DETAILS OF FOOD AND WATER QUALITY:
Certificates for the analysis of contaminants of the batches were attached to the study report.
Certificates for the analyses (chemical and bacteriological) were attached to the study report.
The food and water quality was considered to be acceptable.

ENVIRONMENTAL CONDITIONS
- Temperature (°C): 20-24
- Humidity (%): 45-65
- Air changes (per hr): 10-15
- Photoperiod (hrs dark / hrs light): 12/12

IN-LIFE DATES:
From: December 23, 1983 To: January 09/10, 1985 (Chronic toxicity 53 weeks)
From: December 23, 1983 To: January 23/24, 1986 (Chronic toxicity 107 weeks)

Administration / exposure

Route of administration:
oral: feed
Details on oral exposure:
DIET PREPARATION
The test substance was mixed with microgranulated feed using a Buehler type-DDMA 0.5 mixer and pelleted with a Buehler type-DFPL (Source: Buehler AG, Uzwil/Switzerland) pelleting machine. Water was added to each feed preparation at a 1:10 volume/weight ratio to ensure pelleting, after which the pellets were dried. The mixtures were prepared twice monthly and stored at room temperature in disposable paper bags.
Analytical verification of doses or concentrations:
yes
Details on analytical verification of doses or concentrations:
The stability and homogeneity of the test substance in the feed was determined during the range finding study (see cross-referenced DRF) and before commencement of the study by the sponsor.
The test substance concentrations in the diets were analysed at 12-weekly intervals by the sponsor. These results were reported separately.
Duration of treatment / exposure:
53 weeks and 107 weeks for chronic toxicity
Frequency of treatment:
continuous
Doses / concentrationsopen allclose all
Dose / conc.:
0 ppm
Remarks:
Chronic toxicity phase: males 0 mg/kg bw/day, females 0 mg/kg bw/day
Carcinogenicity phase: males 0 mg/kg bw/day, females 0 mg/kg bw/day
Dose / conc.:
20 ppm
Remarks:
Chronic toxicity phase: males 1.1 mg/kg bw/day, females 1.3 mg/kg bw/day
Carcinogenicity phase: males 1.0 mg/kg bw/day, females 1.2 mg/kg bw/day
Dose / conc.:
100 ppm
Remarks:
Chronic toxicity phase: males 5.4 mg/kg bw/day, females 6.5 mg/kg bw/day
Carcinogenicity phase: males 4.8 mg/kg bw/day, females 5.9 mg/kg bw/day
Dose / conc.:
500 ppm
Remarks:
Chronic toxicity phase: males 27.6 mg/kg bw/day, females 32.0 mg/kg bw/day
Carcinogenicity phase: males 24.8 mg/kg bw/day, females 29.9 mg/kg bw/day
No. of animals per sex per dose:
10 for 53 weeks chronic toxicity
10 for 107 weeks chronic toxicity
50 for 120 weeks carcinogenicity
Control animals:
yes, plain diet
Details on study design:
- Dose selection rationale:
Based on a preliminary 4-week feeding study and a previous 13-week feeding study in rats (See cross-referenced DRF studies).

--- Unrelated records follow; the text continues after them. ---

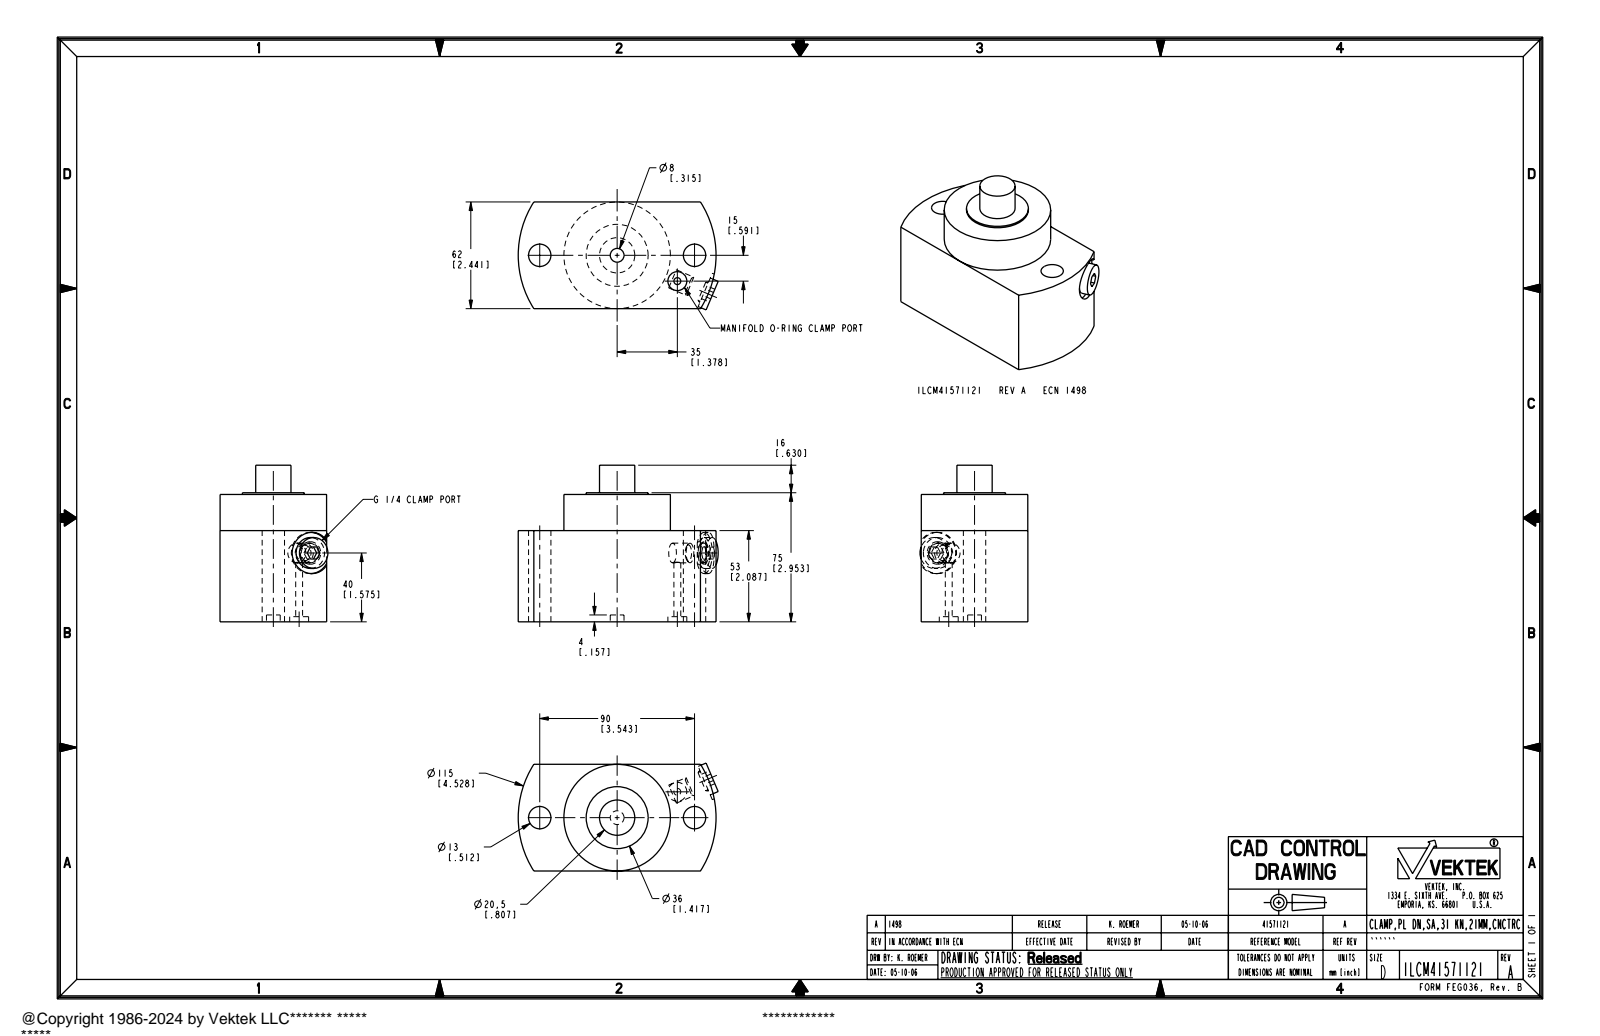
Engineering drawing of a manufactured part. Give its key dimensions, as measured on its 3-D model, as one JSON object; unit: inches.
{"part_name": "ILCM41571121", "step_written_by": "PRO/ENGINEER BY PARAMETRIC TECHNOLOGY CORPORATION, 2004290 (AUTOMOTIVE_DESIGN_CC2)", "units": "inches", "bodies": {"solids": 1, "faces": 52, "planar": 21, "cylindrical": 27, "other": 4}, "overall_size": [4.577, 3.583, 2.47], "volume_in3": 25.16, "surface_area_in2": 64.51, "round_holes": [[0.512, 2], [0.157, 1], [0.315, 1], [0.433, 1], [0.451, 1], [0.945, 1]], "round_bosses_or_shafts": [[2.437, 1], [1.417, 1], [0.807, 1], [0.709, 1], [0.451, 1]], "partial_cylinders_radius": [[2.264, 1]], "face_to_face_distances": [2.441, 2.087, 2.913, 0.827, 0.039, 2.953, 0.866, 3.583, 1.496, 0.669], "hole_center_spacings": [1.772, 0.71, 1.499, 3.204, 3.543]}
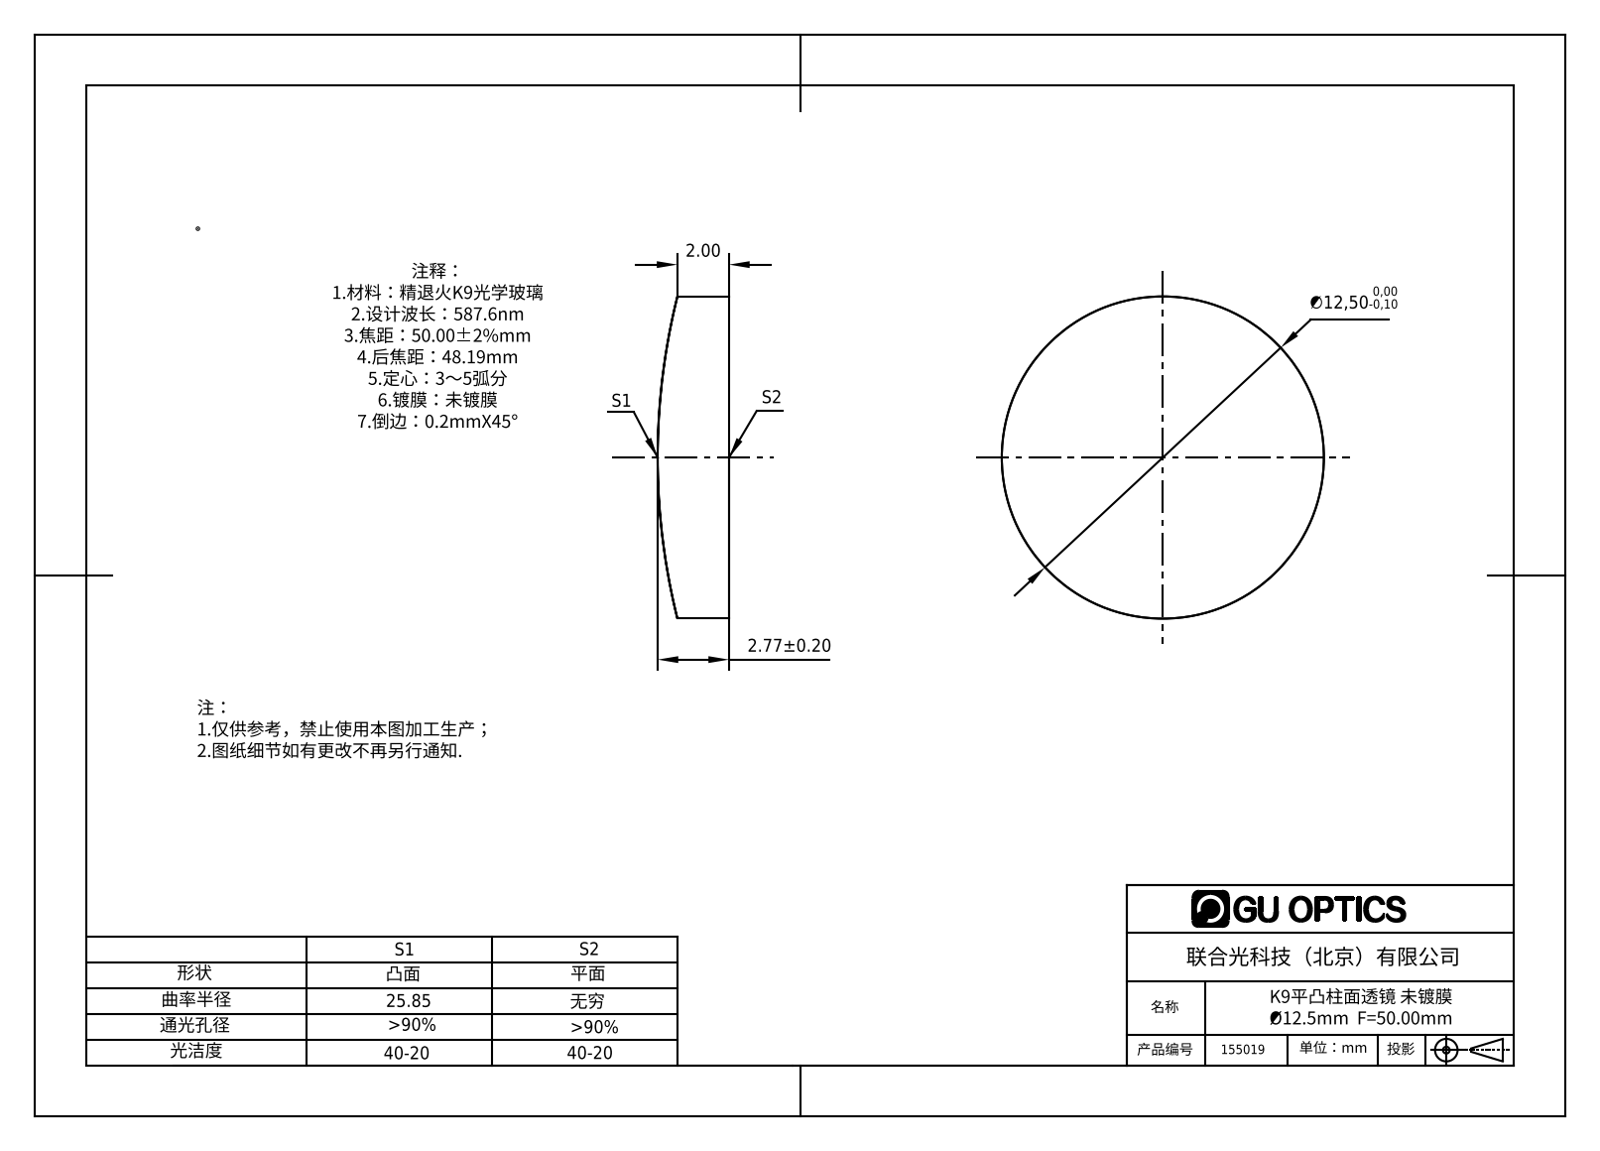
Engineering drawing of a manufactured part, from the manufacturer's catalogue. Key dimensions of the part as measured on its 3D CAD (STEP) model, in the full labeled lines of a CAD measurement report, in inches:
Part name (STEP PRODUCT): 155019
STEP written by: SolidWorks 2016 (AUTOMOTIVE_DESIGN)
Units: inches
Bodies: 1 solid, 4 faces (1 planar, 3 cylindrical, 0 other)
Overall size (bounding box): 0.492 × 0.492 × 0.109
Volume: 0.019 in³ · Surface area: 0.527 in²
Round bosses / shafts (diameter × count): ⌀0.492 ×1
Partial cylindrical surfaces — rounded edges, fillets, slot ends (radius × count): R1.018 ×1

- Fasting period before blood sampling for clinical biochemistry:
yes, 18 hours before sampling

Examinations

Observations and examinations performed and frequency:
CAGE SIDE OBSERVATIONS: Yes
- Time schedule: twice daily

DETAILED CLINICAL OBSERVATIONS: Yes
- Time schedule: Observations for signs of toxicity were performed twice daily.
In addition to the daily observations, each rat had a weekly detailed clinical examination which included a palpation for tissue masses.

BODY WEIGHT: Yes
- Time schedule for examinations: once weekly during weeks 1-15 and twice monthly thereafter.

FOOD CONSUMPTION:
- weekly during weeks 1-15 and twice monthly thereafter.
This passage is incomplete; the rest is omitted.